DIRECTIONS FOR THIS TASK: From the entries that follow, reproduce exactly and only the lines from the line with "#178=LINE('',#1140,#255);" to the line with "#1134=CARTESIAN_POINT('',(0.,-200.,-1580.));", endpoints included.

[Data extracted from a collection]
※ ※ ※

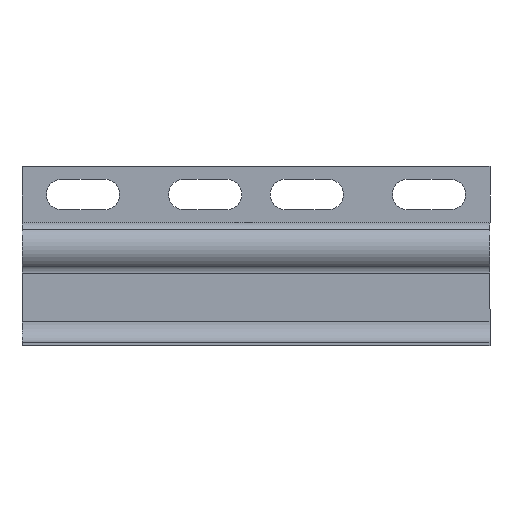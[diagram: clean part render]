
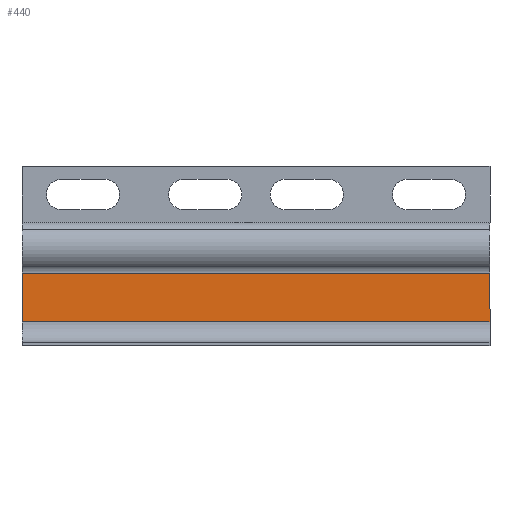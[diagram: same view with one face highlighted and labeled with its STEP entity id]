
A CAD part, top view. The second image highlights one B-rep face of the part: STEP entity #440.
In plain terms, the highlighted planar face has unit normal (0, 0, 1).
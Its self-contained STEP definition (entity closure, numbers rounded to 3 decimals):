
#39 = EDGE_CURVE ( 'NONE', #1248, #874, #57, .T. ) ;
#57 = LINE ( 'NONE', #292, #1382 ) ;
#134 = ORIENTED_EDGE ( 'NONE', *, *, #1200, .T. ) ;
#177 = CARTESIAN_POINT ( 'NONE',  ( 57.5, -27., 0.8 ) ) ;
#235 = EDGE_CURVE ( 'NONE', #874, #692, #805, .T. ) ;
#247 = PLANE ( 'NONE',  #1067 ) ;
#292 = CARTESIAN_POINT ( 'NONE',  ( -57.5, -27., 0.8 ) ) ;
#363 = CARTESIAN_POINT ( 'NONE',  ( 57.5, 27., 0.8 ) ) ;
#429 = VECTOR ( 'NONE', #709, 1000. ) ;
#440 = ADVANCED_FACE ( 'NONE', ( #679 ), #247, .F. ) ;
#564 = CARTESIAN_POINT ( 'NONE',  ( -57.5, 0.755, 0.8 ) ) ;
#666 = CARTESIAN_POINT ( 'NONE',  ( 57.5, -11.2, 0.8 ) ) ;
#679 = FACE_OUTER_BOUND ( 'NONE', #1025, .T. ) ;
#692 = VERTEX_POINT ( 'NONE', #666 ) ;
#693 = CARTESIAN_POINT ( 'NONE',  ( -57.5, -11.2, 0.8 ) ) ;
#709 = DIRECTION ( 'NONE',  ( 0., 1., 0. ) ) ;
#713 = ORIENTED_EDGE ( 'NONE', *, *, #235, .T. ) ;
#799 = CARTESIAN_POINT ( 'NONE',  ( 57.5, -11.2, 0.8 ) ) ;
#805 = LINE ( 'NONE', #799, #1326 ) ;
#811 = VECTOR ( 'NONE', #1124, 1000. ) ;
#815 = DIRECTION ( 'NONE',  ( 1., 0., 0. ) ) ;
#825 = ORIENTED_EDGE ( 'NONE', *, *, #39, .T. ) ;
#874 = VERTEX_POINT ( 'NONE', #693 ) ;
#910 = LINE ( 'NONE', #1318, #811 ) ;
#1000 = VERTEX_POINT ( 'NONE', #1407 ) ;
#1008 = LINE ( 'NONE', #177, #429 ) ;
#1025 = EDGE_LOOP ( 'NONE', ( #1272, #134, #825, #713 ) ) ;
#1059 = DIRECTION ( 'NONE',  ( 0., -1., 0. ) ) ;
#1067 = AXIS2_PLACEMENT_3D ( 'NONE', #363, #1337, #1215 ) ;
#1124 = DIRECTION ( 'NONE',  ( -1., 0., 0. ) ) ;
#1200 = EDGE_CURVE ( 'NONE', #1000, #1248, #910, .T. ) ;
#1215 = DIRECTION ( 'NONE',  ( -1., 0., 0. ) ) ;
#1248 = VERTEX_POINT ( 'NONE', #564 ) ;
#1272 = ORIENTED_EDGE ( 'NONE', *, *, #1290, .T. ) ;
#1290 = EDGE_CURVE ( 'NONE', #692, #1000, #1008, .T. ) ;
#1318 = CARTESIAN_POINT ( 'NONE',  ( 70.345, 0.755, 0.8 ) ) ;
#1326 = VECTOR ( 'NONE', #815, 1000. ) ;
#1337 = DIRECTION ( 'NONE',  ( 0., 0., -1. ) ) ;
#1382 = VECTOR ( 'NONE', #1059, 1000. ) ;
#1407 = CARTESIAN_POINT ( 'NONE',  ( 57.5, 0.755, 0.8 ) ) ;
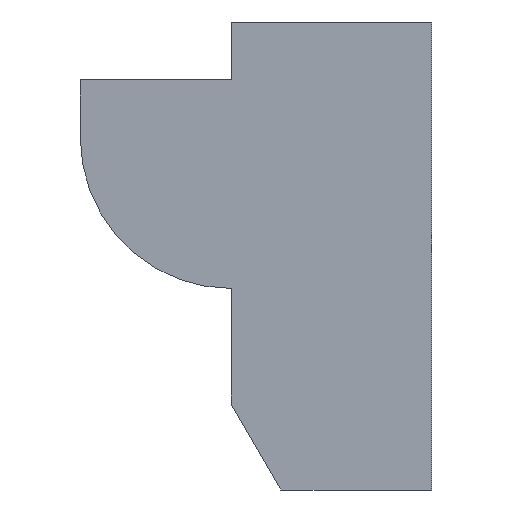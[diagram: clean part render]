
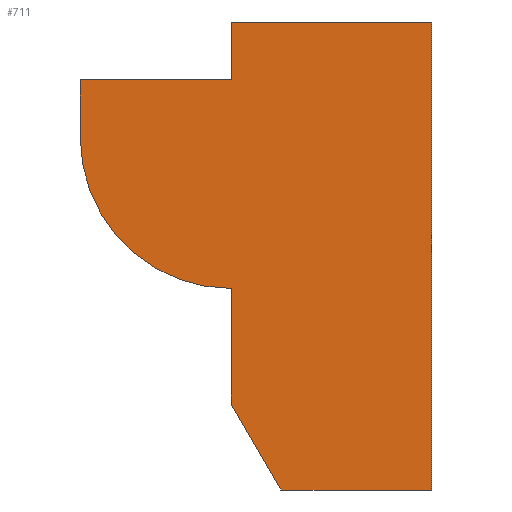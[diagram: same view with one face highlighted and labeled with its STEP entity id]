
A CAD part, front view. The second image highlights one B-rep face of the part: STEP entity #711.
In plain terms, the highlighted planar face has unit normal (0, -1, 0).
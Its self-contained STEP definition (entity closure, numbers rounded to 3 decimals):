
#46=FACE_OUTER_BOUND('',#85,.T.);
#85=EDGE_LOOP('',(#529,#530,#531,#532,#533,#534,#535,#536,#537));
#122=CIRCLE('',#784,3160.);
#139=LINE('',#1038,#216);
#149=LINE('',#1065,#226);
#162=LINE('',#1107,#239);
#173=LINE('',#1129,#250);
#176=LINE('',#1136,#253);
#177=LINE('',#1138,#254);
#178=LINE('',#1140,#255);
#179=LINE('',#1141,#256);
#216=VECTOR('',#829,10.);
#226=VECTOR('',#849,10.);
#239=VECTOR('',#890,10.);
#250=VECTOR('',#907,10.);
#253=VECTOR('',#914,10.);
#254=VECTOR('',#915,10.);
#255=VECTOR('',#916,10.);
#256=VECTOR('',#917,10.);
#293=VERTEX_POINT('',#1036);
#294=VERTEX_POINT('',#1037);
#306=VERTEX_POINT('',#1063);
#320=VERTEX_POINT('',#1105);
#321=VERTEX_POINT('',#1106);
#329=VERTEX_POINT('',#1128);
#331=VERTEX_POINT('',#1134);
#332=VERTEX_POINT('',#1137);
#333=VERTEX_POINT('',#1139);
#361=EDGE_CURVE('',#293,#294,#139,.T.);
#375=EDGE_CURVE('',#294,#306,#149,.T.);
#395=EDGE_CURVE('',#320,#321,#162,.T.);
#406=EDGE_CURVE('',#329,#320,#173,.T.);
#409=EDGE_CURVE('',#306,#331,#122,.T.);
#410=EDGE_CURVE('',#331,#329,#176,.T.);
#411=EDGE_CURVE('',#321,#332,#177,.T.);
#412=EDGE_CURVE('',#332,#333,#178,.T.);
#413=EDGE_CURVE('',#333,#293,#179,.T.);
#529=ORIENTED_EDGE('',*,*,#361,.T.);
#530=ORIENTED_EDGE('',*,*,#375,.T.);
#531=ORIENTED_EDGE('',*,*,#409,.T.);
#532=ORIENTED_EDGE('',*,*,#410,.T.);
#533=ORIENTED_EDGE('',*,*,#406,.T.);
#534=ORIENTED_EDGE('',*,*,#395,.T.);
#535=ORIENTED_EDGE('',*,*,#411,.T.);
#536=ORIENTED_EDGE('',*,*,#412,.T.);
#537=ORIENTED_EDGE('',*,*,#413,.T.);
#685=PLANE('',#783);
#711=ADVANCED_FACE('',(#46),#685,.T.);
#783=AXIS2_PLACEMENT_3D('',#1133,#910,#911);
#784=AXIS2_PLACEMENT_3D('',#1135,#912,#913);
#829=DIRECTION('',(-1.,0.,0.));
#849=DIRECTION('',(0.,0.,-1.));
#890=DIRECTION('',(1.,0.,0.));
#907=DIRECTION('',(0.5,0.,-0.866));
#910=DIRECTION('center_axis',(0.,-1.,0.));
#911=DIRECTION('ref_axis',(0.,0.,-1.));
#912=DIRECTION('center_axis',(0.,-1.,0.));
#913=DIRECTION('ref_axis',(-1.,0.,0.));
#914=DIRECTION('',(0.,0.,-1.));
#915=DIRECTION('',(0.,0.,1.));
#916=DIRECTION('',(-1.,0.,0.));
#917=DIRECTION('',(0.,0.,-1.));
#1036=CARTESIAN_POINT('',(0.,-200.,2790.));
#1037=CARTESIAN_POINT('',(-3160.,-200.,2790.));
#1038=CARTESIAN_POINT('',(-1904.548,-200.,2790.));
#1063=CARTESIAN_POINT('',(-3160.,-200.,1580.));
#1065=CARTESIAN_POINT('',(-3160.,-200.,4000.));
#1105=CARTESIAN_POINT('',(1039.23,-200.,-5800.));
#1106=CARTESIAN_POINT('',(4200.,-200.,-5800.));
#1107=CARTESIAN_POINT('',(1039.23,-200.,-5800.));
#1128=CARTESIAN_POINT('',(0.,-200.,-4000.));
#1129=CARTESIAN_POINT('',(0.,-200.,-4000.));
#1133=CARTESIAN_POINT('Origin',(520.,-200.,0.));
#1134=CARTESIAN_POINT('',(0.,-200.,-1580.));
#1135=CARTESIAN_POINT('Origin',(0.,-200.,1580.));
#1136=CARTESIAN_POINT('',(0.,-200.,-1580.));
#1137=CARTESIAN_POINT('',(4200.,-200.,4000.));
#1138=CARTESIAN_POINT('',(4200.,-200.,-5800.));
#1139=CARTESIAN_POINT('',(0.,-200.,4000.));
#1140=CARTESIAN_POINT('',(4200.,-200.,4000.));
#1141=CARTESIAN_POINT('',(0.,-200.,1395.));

※ ※ ※

SOLUTION TO THE EXERCISE:
#178=LINE('',#1140,#255);
#179=LINE('',#1141,#256);
#216=VECTOR('',#829,10.);
#226=VECTOR('',#849,10.);
#239=VECTOR('',#890,10.);
#250=VECTOR('',#907,10.);
#253=VECTOR('',#914,10.);
#254=VECTOR('',#915,10.);
#255=VECTOR('',#916,10.);
#256=VECTOR('',#917,10.);
#293=VERTEX_POINT('',#1036);
#294=VERTEX_POINT('',#1037);
#306=VERTEX_POINT('',#1063);
#320=VERTEX_POINT('',#1105);
#321=VERTEX_POINT('',#1106);
#329=VERTEX_POINT('',#1128);
#331=VERTEX_POINT('',#1134);
#332=VERTEX_POINT('',#1137);
#333=VERTEX_POINT('',#1139);
#361=EDGE_CURVE('',#293,#294,#139,.T.);
#375=EDGE_CURVE('',#294,#306,#149,.T.);
#395=EDGE_CURVE('',#320,#321,#162,.T.);
#406=EDGE_CURVE('',#329,#320,#173,.T.);
#409=EDGE_CURVE('',#306,#331,#122,.T.);
#410=EDGE_CURVE('',#331,#329,#176,.T.);
#411=EDGE_CURVE('',#321,#332,#177,.T.);
#412=EDGE_CURVE('',#332,#333,#178,.T.);
#413=EDGE_CURVE('',#333,#293,#179,.T.);
#529=ORIENTED_EDGE('',*,*,#361,.T.);
#530=ORIENTED_EDGE('',*,*,#375,.T.);
#531=ORIENTED_EDGE('',*,*,#409,.T.);
#532=ORIENTED_EDGE('',*,*,#410,.T.);
#533=ORIENTED_EDGE('',*,*,#406,.T.);
#534=ORIENTED_EDGE('',*,*,#395,.T.);
#535=ORIENTED_EDGE('',*,*,#411,.T.);
#536=ORIENTED_EDGE('',*,*,#412,.T.);
#537=ORIENTED_EDGE('',*,*,#413,.T.);
#685=PLANE('',#783);
#711=ADVANCED_FACE('',(#46),#685,.T.);
#783=AXIS2_PLACEMENT_3D('',#1133,#910,#911);
#784=AXIS2_PLACEMENT_3D('',#1135,#912,#913);
#829=DIRECTION('',(-1.,0.,0.));
#849=DIRECTION('',(0.,0.,-1.));
#890=DIRECTION('',(1.,0.,0.));
#907=DIRECTION('',(0.5,0.,-0.866));
#910=DIRECTION('center_axis',(0.,-1.,0.));
#911=DIRECTION('ref_axis',(0.,0.,-1.));
#912=DIRECTION('center_axis',(0.,-1.,0.));
#913=DIRECTION('ref_axis',(-1.,0.,0.));
#914=DIRECTION('',(0.,0.,-1.));
#915=DIRECTION('',(0.,0.,1.));
#916=DIRECTION('',(-1.,0.,0.));
#917=DIRECTION('',(0.,0.,-1.));
#1036=CARTESIAN_POINT('',(0.,-200.,2790.));
#1037=CARTESIAN_POINT('',(-3160.,-200.,2790.));
#1038=CARTESIAN_POINT('',(-1904.548,-200.,2790.));
#1063=CARTESIAN_POINT('',(-3160.,-200.,1580.));
#1065=CARTESIAN_POINT('',(-3160.,-200.,4000.));
#1105=CARTESIAN_POINT('',(1039.23,-200.,-5800.));
#1106=CARTESIAN_POINT('',(4200.,-200.,-5800.));
#1107=CARTESIAN_POINT('',(1039.23,-200.,-5800.));
#1128=CARTESIAN_POINT('',(0.,-200.,-4000.));
#1129=CARTESIAN_POINT('',(0.,-200.,-4000.));
#1133=CARTESIAN_POINT('Origin',(520.,-200.,0.));
#1134=CARTESIAN_POINT('',(0.,-200.,-1580.));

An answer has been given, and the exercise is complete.